* Exercise brief: Find every line in the entries that holds the string "vertices" and report it.
++++ Data ++++
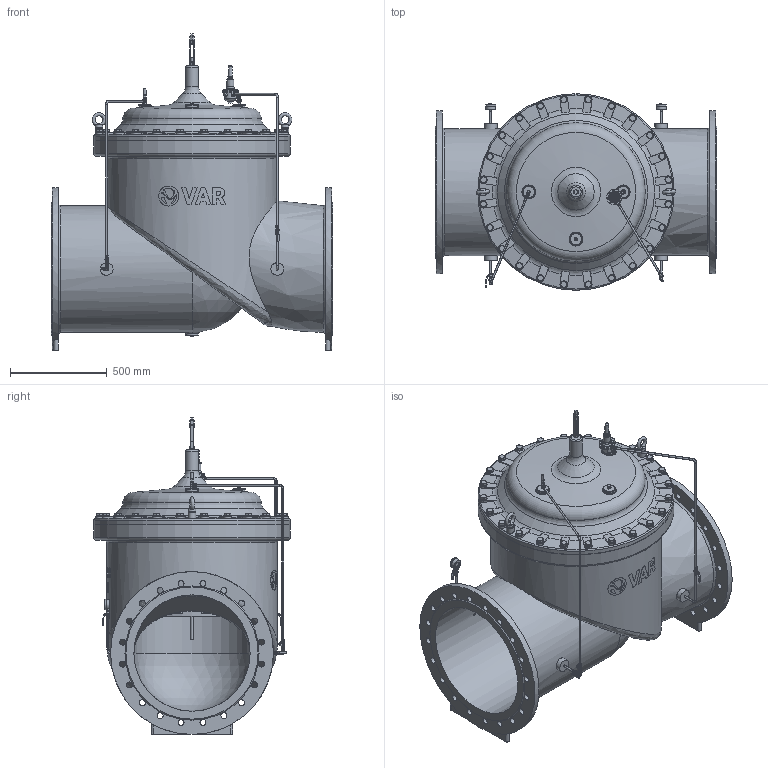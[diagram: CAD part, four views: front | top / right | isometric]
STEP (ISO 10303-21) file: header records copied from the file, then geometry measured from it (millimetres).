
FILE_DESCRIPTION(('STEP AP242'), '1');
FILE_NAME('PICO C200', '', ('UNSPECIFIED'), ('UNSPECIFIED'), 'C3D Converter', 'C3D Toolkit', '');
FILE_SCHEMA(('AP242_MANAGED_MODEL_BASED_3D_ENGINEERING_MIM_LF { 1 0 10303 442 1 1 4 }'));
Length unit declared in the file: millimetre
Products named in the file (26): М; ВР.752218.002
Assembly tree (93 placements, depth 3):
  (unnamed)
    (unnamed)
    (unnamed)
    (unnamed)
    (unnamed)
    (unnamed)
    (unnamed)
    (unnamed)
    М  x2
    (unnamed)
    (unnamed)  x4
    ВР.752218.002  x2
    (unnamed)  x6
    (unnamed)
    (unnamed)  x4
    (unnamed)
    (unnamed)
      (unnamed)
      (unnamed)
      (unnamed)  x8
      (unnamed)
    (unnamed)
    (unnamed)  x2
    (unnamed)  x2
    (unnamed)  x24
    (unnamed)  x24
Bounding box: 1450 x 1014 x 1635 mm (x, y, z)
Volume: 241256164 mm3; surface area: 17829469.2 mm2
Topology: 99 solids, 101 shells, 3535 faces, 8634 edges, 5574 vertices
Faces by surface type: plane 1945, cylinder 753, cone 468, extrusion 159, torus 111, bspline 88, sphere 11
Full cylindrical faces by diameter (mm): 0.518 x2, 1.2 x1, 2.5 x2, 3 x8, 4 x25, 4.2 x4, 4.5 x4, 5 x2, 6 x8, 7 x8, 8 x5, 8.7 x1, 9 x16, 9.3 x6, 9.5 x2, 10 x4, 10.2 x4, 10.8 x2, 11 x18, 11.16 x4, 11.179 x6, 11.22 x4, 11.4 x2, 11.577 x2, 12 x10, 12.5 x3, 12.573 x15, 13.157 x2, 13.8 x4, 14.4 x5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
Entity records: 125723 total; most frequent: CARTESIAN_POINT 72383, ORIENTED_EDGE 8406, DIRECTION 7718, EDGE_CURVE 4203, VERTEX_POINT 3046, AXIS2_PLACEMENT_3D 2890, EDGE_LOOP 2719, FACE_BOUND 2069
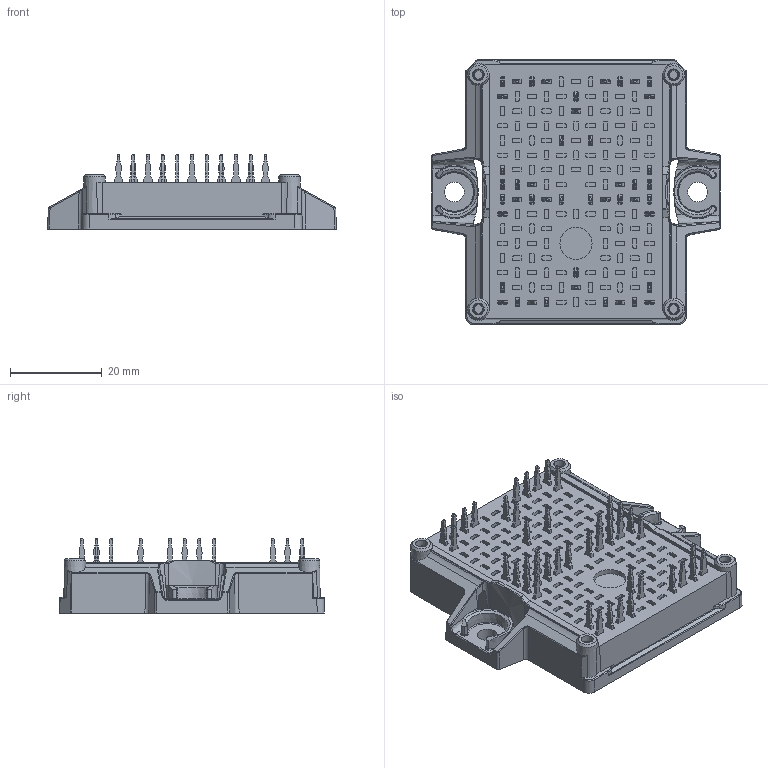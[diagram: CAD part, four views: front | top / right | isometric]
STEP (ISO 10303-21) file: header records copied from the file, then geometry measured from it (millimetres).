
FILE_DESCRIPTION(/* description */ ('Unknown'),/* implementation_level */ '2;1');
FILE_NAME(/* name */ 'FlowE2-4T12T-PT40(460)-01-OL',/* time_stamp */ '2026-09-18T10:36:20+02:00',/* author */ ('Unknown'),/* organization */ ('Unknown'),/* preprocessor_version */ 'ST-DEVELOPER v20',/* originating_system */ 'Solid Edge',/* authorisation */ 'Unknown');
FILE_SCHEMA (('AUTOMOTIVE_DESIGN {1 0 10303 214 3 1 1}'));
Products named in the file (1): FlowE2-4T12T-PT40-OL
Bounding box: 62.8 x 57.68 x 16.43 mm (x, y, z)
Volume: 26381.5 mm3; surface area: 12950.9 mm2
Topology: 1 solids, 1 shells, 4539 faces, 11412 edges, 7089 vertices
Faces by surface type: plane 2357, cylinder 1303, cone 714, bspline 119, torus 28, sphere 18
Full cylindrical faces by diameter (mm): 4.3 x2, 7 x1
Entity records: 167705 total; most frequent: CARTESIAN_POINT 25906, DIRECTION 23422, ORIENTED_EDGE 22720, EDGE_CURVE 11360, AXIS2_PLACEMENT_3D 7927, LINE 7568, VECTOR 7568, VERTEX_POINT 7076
++++
* Exercise solution:
Topology: 99 solids, 101 shells, 3535 faces, 8634 edges, 5574 vertices
Topology: 1 solids, 1 shells, 4539 faces, 11412 edges, 7089 vertices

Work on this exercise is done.